McCombe, arte y ensayo

Que reste-t-il de nos amours?


Se llamaba Gwyned Filling, tenía 23 años y un rostro angelical. Una mañana, unos pocos años después de acabada la segunda gran guerra, se lanzó a las calles de Nueva York a la caza y captura de un trabajo. Algo tan normal, aparentemente. Y la cámara del fotógrafo se fijó en ella. Un rostro, un bello rostro entre la multitud de las grandes avenidas, entre manzanas, atestadas como estaban de personas con sus vidas y vivencias. Leonard McCombe la siguió para la ya prestigiosa Life.
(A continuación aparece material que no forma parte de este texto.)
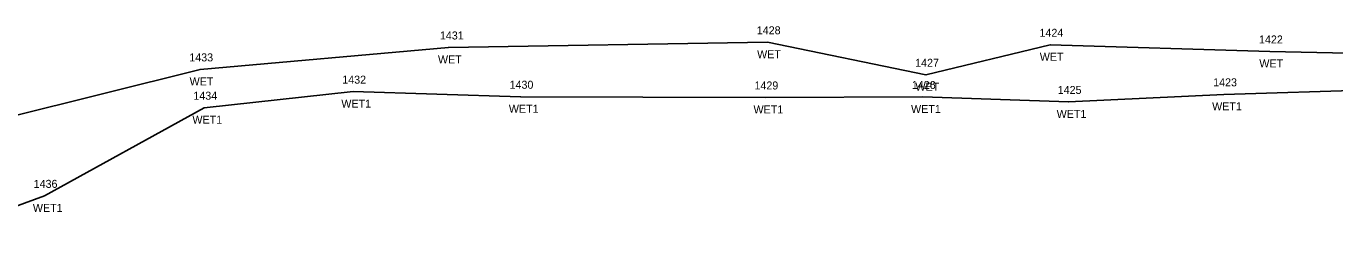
# Model space of a CAD drawing. Extents: x 1967699 to 1968370, y 1117733 to 1117905.
# Drawn here: x 1968035.2 to 1968198.7, y 1117877.9 to 1117905.4 of the extents above; entities that cross this region are included whole.
import ezdxf

# ---------------------------------------------------------------- set-up
doc = ezdxf.new("R2010")
doc.units = 0
for name, color, linetype in [('RD_EX_H2O_WetLd', 7, 'Continuous'), ('RD_EX_H2O_WetLd_txCode', 7, 'Continuous'), ('RD_SMD_Locator', 7, 'Continuous')]:
    doc.layers.add(name, color=color, linetype=linetype)

msp = doc.modelspace()

# ---------------------------------------------------------------- linework, layer by layer
at = {"layer": 'RD_EX_H2O_WetLd'}
for points in [[(1968367.53, 1117902.43), (1968362.98, 1117898.55), (1968347.35, 1117899.48), (1968328.86, 1117899.6), (1968318.21, 1117897.51), (1968292.87, 1117899.07), (1968277.7, 1117898.66), (1968253.32, 1117900.14), (1968234.81, 1117900.5), (1968208.25, 1117901.82), (1968190.62, 1117902.21), (1968163.17, 1117903.04), (1968147.64, 1117899.29), (1968127.85, 1117903.36), (1968087.96, 1117902.71), (1968056.92, 1117899.97), (1968032.7, 1117893.9)], [(1968362.05, 1117892.46), (1968347.73, 1117893.23), (1968331.65, 1117894.12), (1968319.19, 1117892.86), (1968302.77, 1117895.12), (1968292.25, 1117895.64), (1968277.54, 1117893.78), (1968251.35, 1117895.61), (1968232.27, 1117895.94), (1968203.56, 1117897.42), (1968184.88, 1117896.85), (1968165.45, 1117895.9), (1968147.25, 1117896.52), (1968127.56, 1117896.46), (1968096.98, 1117896.55), (1968076.04, 1117897.19), (1968057.43, 1117895.18), (1968037.49, 1117884.16), (1968020.4, 1117877.91)]]:
    msp.add_lwpolyline(points, dxfattribs=at)
at = {"layer": 'RD_SMD_Locator'}
for centre in [(1968087.96, 1117902.71), (1968127.85, 1117903.36), (1968163.17, 1117903.04), (1968190.62, 1117902.21), (1968056.92, 1117899.97), (1968147.64, 1117899.29), (1968076.04, 1117897.19), (1968096.98, 1117896.55), (1968127.56, 1117896.46), (1968147.25, 1117896.52), (1968184.88, 1117896.85), (1968057.43, 1117895.18), (1968165.45, 1117895.9), (1968037.49, 1117884.16)]:
    msp.add_circle(centre, 0.001, dxfattribs=at)

# ---------------------------------------------------------------- texts
at = {"layer": 'RD_EX_H2O_WetLd_txCode'}
for s, p in [('1431', (1968086.89, 1117903.71)), ('1428', (1968126.5, 1117904.36)), ('1424', (1968161.83, 1117904.04)), ('1422', (1968189.27, 1117903.21)), ('1433', (1968055.57, 1117900.97)), ('WET', (1968086.65, 1117900.71)), ('WET', (1968126.54, 1117901.36)), ('1427', (1968146.29, 1117900.29)), ('WET', (1968161.87, 1117901.04)), ('WET', (1968189.31, 1117900.21)), ('WET', (1968055.61, 1117897.97)), ('1432', (1968074.69, 1117898.19)), ('1430', (1968095.6, 1117897.55)), ('1429', (1968126.21, 1117897.46)), ('1426', (1968145.88, 1117897.52)), ('WET', (1968146.33, 1117897.29)), ('1425', (1968164.11, 1117896.9)), ('1423', (1968183.54, 1117897.85)), ('1434', (1968056.08, 1117896.18)), ('WET1', (1968074.57, 1117895.19)), ('WET1', (1968095.51, 1117894.55)), ('WET1', (1968126.09, 1117894.46)), ('WET1', (1968145.78, 1117894.52)), ('WET1', (1968163.98, 1117893.9)), ('WET1', (1968183.41, 1117894.85)), ('WET1', (1968055.96, 1117893.18)), ('1436', (1968036.12, 1117885.16)), ('WET1', (1968036.02, 1117882.16))]:
    msp.add_text(s, height=1, dxfattribs=at).set_placement(p)

doc.saveas('drawing.dxf')
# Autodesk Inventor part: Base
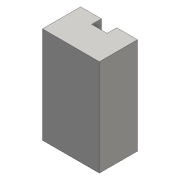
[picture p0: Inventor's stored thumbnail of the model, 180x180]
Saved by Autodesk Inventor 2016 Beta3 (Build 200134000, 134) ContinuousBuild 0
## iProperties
Created: 2016-03
Part Number: Base
Material: Generic
Document SubType Name: Modeling
Designer: Gaurav
Density: 1 g/cm^3
Appearance: Default
Author: Gaurav
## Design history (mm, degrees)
sketch "Sketch1"
  geometry: L1 (14.722, 9.87)-(14.722, -9.87); L2 (14.722, -9.87)-(-14.722, -9.87); L3 (-14.722, -9.87)-(-14.722, 9.87); L4 (-14.722, 9.87)-(14.722, -9.87); L5 (14.722, 9.87)-(-14.722, -9.87); L6 (-4, 4.87)-(-4, 9.87); L7 (4, 9.87)-(4, 4.87); L8 (4, 4.87)-(-4, 4.87); L9 (-4, 4.87)-(4, 9.87); L10 (-4, 9.87)-(4, 4.87); L11 (-14.722, 9.87)-(-4, 9.87); L12 (4, 9.87)-(14.722, 9.87); 4 further points
  constraints: 24 end point, 6 midpoint, 4 parallel, 2 horizontal, 2 perpendicular, 1 vertical alignment
  dimensions: "d2" = 5 distance of L7.start L7.end; "d3" = 8 distance of L7.end L6.start
extrude "Extrusion1" new body sketch "Sketch1" distance "d4" = 50; taper "d5" = 0 deg
body "Solid1"

Con ella realizó un magistral ensayo fotográfico durante el cual la joven halló el tan ansiado empleo: ganaba 35 dólares semanales en una agencia publicitaria. De repente, Gwyned se convirtió en esa novia que nunca tuvimos, en esa hermana que no alcanzamos a tener tampoco o en aquella hija que otros muchos ambicionaron. Enamoró a toda una generación de norteamericanos, en una sociedad que se levantaba a empellones de los desastres de un conflicto tan brutal como aquel. Murió con 80 años de edad, en 2005, cuando ya no eran tantos los que recordaban su rostro tan limpio, tan dulce, tan imponente a la vez.